**WHAT YOU WILL DO**
Within the data that follows, set down exactly the lines from the one containing "# Drawn here: x" through the one containing "doc.units = 0", both ends included.

**GIVEN RECORDS**
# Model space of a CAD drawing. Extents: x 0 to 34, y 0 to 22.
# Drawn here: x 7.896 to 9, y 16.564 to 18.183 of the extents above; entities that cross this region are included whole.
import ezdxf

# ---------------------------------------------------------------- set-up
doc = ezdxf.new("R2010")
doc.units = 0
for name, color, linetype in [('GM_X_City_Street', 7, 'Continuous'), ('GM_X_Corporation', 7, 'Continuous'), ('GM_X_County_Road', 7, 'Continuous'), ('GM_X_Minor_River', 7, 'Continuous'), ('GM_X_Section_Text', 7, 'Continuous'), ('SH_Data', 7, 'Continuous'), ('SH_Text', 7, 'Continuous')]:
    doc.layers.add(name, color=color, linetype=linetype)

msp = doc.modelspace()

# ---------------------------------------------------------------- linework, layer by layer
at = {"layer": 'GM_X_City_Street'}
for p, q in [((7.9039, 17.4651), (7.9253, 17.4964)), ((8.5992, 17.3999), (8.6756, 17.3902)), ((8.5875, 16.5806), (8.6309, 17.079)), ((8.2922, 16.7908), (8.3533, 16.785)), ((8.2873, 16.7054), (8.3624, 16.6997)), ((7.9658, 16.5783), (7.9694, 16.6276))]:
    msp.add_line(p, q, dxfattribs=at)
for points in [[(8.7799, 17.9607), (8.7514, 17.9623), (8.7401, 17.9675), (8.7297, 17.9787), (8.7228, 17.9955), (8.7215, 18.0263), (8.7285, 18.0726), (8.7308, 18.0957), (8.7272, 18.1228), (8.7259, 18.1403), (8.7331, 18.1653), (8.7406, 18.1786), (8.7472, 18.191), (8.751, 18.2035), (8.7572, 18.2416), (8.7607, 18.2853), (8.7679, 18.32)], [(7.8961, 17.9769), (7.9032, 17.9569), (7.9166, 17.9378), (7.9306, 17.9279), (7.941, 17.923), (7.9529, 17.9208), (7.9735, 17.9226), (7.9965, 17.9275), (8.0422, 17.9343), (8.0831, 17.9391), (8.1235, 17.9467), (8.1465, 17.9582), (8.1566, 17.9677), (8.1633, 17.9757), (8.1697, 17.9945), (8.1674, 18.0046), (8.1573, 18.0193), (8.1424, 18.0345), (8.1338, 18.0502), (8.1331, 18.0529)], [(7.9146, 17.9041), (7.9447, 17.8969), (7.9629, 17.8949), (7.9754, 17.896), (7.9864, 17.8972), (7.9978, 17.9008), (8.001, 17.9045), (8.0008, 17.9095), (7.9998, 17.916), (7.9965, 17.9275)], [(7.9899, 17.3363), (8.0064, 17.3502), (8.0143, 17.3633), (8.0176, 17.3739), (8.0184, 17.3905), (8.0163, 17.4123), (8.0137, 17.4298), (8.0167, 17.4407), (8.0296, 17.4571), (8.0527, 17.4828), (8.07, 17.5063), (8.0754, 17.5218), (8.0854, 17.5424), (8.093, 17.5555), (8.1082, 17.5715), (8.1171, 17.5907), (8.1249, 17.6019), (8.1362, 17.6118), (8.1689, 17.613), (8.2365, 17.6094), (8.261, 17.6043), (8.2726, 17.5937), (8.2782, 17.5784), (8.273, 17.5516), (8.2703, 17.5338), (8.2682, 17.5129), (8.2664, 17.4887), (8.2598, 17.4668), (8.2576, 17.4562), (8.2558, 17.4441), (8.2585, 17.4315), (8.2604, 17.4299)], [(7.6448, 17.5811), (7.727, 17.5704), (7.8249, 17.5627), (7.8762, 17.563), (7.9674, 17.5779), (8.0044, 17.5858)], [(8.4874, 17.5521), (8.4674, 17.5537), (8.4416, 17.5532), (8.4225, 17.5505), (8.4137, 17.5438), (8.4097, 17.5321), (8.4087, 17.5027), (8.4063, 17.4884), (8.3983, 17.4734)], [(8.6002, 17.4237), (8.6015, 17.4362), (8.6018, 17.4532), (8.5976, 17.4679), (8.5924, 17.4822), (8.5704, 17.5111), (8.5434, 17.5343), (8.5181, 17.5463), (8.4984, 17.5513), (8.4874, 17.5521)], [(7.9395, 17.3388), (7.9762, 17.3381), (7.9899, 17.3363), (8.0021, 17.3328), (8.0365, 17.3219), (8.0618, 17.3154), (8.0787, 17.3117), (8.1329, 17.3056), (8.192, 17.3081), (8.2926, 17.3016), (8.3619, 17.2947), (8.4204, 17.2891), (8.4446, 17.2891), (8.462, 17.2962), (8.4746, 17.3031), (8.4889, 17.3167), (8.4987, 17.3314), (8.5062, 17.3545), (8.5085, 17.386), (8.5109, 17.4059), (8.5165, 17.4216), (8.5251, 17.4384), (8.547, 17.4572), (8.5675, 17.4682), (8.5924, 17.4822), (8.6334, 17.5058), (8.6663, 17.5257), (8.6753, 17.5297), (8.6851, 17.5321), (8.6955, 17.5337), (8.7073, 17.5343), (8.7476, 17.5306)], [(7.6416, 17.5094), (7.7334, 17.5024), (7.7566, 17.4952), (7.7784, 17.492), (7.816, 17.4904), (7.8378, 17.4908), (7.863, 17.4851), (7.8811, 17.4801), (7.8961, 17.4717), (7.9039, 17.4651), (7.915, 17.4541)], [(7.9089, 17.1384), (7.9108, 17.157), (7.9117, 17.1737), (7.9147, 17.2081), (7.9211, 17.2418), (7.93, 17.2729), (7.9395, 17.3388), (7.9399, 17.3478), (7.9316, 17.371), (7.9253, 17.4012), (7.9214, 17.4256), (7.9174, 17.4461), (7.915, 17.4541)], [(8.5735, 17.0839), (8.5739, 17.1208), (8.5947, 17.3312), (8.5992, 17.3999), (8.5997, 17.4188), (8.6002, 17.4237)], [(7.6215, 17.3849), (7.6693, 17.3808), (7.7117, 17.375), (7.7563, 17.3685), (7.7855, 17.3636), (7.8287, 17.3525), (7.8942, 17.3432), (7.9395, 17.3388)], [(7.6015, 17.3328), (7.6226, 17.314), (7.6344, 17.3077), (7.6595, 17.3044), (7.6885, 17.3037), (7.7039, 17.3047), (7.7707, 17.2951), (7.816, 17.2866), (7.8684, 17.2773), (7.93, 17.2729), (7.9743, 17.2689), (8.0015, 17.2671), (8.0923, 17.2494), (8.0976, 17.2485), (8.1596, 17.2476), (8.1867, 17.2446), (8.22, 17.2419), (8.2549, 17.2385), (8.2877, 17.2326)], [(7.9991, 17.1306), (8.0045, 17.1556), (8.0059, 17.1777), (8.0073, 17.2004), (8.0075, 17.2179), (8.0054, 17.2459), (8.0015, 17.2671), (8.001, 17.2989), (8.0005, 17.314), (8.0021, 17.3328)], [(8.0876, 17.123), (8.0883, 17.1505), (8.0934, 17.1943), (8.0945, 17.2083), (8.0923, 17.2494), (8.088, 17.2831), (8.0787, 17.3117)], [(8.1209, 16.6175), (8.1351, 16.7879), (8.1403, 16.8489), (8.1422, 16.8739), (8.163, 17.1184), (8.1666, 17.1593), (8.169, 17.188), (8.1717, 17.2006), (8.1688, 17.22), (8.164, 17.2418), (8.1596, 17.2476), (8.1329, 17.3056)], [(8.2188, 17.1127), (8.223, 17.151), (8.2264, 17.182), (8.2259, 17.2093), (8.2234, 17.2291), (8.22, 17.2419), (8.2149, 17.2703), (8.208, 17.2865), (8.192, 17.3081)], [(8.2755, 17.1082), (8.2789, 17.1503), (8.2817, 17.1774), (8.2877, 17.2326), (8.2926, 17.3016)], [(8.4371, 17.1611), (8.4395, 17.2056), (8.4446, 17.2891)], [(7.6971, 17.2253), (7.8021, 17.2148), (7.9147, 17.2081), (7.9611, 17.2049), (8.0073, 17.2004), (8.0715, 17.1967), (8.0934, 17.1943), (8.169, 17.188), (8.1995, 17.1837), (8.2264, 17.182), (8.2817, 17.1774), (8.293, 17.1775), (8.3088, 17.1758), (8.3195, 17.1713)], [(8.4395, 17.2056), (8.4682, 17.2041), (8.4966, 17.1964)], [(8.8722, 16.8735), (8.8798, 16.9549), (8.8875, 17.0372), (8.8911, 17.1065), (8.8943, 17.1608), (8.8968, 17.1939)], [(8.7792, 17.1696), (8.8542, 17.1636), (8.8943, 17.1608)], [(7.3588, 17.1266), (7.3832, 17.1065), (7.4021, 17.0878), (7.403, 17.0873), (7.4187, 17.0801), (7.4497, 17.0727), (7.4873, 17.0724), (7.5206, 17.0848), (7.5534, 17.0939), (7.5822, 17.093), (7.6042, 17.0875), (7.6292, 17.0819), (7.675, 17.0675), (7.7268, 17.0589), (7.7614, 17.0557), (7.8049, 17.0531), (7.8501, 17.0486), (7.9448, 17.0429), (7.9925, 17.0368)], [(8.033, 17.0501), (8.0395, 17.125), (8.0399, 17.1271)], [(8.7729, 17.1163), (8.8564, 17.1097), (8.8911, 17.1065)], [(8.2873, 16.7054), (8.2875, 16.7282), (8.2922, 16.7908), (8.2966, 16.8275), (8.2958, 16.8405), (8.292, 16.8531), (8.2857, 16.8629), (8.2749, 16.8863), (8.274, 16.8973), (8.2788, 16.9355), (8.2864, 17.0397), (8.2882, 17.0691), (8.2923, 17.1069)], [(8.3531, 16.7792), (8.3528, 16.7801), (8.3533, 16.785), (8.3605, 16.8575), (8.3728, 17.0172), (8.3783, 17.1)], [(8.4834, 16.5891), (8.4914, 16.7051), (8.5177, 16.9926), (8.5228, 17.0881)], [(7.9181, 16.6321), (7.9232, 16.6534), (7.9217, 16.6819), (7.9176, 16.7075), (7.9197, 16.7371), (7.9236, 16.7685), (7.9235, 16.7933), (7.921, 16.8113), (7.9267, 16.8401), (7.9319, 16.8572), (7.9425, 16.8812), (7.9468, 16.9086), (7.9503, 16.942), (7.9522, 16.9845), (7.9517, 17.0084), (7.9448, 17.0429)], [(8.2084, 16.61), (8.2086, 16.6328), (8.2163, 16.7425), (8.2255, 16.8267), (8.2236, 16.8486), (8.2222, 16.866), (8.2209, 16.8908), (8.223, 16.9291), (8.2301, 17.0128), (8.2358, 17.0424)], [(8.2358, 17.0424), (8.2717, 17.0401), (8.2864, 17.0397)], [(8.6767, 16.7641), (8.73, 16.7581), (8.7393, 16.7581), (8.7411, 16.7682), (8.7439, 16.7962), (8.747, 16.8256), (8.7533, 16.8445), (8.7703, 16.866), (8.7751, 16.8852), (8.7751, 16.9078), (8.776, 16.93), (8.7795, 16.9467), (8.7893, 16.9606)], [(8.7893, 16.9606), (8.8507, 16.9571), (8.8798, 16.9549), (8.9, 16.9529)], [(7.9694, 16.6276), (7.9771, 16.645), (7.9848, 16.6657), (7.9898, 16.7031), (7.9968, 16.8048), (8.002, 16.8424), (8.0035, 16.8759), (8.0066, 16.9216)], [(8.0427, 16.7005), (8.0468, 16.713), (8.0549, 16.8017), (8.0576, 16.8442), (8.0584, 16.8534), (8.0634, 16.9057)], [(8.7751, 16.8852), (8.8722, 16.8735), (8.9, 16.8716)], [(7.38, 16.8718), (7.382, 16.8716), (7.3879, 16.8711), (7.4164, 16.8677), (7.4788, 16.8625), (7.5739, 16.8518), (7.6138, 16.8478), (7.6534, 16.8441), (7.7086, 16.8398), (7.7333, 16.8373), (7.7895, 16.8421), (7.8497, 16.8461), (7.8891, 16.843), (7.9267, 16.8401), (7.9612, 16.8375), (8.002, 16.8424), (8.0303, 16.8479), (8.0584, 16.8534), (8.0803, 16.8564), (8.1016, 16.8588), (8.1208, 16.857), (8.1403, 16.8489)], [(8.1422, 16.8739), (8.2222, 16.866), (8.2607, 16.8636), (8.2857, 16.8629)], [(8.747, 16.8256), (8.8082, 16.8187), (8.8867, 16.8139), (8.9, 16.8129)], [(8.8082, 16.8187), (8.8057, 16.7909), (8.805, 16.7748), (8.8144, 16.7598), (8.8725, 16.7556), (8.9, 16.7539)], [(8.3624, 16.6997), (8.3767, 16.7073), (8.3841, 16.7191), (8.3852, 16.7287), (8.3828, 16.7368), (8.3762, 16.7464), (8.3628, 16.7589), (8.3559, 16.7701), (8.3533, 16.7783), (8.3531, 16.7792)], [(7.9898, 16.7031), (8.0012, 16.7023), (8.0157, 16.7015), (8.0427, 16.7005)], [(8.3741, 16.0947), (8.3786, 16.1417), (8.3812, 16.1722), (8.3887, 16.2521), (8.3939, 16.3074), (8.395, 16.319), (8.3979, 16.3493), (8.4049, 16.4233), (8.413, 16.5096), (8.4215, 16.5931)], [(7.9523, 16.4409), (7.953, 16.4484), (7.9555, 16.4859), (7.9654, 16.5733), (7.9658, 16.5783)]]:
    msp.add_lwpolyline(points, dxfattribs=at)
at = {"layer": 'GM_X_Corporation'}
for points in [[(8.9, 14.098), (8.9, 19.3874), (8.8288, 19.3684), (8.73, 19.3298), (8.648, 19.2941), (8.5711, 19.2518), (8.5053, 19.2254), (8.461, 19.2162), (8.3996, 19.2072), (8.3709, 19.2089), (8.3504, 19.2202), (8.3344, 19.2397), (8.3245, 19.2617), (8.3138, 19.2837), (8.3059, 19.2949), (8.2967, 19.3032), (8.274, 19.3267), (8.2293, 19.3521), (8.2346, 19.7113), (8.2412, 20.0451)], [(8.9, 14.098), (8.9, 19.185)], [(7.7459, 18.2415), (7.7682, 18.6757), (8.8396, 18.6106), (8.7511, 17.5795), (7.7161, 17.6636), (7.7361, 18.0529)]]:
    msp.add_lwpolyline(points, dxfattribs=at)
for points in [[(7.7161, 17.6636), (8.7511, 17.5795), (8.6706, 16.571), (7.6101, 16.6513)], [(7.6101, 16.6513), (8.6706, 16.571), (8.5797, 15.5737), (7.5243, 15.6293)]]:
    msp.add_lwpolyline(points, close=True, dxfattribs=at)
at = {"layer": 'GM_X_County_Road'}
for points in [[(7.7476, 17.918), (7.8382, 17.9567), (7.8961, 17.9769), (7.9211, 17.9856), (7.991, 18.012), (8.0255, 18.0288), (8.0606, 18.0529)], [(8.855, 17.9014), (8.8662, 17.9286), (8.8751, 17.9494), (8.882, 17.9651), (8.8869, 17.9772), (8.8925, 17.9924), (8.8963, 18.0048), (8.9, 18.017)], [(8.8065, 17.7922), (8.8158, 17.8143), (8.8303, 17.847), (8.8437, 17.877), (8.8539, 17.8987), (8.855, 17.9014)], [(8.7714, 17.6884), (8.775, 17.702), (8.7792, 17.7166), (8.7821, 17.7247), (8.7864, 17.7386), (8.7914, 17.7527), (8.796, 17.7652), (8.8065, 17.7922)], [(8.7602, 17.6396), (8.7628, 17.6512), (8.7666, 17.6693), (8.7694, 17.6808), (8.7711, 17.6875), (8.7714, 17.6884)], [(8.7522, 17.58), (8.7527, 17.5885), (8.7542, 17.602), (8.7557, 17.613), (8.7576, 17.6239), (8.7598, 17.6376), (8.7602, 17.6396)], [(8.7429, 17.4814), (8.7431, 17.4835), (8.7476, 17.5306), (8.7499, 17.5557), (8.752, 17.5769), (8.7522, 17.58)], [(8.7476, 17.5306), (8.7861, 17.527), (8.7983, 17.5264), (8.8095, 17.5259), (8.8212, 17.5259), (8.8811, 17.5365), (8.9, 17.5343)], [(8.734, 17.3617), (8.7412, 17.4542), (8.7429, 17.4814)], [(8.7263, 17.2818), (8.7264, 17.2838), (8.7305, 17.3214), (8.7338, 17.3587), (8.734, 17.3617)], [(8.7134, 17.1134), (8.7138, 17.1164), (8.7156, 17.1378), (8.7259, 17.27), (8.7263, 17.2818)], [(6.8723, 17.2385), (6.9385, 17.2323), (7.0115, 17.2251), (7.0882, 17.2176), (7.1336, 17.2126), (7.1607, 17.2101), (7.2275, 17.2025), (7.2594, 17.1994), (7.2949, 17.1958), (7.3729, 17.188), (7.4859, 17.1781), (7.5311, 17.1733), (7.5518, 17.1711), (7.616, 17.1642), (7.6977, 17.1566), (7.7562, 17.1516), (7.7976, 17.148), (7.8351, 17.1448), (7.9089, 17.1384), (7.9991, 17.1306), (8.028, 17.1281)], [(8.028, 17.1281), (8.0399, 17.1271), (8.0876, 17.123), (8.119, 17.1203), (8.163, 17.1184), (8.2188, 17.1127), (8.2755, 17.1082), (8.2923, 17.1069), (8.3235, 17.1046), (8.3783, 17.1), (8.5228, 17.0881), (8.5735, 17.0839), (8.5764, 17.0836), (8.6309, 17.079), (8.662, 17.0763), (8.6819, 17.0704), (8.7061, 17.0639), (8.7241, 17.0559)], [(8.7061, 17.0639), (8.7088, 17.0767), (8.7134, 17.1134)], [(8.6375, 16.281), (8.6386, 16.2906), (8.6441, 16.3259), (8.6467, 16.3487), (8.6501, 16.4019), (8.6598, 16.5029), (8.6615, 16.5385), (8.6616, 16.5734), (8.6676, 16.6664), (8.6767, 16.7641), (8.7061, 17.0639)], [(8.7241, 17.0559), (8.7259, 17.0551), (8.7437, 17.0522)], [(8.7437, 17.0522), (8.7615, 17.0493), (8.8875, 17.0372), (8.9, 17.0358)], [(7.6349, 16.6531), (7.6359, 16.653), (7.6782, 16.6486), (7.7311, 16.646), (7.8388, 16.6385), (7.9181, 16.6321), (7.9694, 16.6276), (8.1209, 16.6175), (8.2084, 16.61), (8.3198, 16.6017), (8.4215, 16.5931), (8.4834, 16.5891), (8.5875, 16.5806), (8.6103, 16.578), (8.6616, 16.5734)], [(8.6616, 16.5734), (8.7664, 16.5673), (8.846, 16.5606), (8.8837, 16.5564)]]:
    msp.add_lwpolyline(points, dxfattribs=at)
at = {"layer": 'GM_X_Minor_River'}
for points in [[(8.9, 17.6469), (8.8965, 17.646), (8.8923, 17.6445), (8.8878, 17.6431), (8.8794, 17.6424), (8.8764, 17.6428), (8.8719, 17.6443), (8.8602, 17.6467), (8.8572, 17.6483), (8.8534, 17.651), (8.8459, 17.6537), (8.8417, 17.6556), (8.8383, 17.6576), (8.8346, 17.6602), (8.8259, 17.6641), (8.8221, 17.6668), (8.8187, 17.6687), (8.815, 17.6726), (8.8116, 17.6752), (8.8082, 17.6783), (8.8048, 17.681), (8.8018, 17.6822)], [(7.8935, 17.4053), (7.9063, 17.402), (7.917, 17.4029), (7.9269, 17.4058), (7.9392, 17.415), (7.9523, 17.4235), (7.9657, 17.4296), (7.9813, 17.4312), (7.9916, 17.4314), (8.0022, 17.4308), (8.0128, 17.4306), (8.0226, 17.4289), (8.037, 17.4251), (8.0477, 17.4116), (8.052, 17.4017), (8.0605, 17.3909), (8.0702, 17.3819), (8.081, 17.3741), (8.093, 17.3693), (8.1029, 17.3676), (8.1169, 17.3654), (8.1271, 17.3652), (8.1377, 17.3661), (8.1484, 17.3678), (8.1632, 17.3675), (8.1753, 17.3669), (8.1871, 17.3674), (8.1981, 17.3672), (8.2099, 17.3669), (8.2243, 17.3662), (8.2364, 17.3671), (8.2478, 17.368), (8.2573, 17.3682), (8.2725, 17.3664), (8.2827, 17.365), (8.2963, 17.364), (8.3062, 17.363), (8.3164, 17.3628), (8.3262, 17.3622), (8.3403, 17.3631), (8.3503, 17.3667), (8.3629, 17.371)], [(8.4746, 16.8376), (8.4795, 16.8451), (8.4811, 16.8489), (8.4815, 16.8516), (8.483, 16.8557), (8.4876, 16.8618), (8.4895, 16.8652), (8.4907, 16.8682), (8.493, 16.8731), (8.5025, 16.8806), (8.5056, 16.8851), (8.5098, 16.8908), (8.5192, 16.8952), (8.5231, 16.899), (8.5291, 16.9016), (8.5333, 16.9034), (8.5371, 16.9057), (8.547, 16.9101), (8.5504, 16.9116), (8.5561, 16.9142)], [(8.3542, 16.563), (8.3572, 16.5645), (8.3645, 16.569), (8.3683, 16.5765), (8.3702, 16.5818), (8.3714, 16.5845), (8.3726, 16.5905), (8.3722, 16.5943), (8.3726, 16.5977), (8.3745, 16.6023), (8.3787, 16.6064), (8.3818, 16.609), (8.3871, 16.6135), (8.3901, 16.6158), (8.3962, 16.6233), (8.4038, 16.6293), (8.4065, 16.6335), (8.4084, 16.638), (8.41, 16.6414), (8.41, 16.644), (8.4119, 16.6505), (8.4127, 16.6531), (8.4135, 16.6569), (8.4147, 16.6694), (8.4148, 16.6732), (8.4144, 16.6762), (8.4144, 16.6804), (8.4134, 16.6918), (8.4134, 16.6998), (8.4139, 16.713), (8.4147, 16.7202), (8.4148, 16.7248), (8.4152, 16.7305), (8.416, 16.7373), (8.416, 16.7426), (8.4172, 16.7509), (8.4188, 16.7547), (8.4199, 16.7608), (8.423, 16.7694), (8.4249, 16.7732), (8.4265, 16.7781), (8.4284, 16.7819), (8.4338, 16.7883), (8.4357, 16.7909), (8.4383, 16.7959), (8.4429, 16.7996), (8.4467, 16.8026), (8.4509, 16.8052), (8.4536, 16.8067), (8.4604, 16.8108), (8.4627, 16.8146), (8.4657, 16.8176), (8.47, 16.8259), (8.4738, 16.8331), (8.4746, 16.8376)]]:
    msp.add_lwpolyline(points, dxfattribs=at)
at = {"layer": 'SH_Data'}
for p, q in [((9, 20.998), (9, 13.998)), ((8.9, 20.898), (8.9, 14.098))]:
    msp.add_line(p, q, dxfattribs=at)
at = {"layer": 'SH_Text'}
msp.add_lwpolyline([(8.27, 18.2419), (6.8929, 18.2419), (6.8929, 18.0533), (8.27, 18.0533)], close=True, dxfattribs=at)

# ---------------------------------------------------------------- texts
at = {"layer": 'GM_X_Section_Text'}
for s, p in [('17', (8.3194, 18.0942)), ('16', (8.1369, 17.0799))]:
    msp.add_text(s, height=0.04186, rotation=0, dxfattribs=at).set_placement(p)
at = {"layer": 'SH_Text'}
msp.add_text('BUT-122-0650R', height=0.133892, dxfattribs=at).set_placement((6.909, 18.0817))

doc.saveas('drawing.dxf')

**WRITTEN SOLUTION**
# Drawn here: x 7.896 to 9, y 16.564 to 18.183 of the extents above; entities that cross this region are included whole.
import ezdxf

# ---------------------------------------------------------------- set-up
doc = ezdxf.new("R2010")
doc.units = 0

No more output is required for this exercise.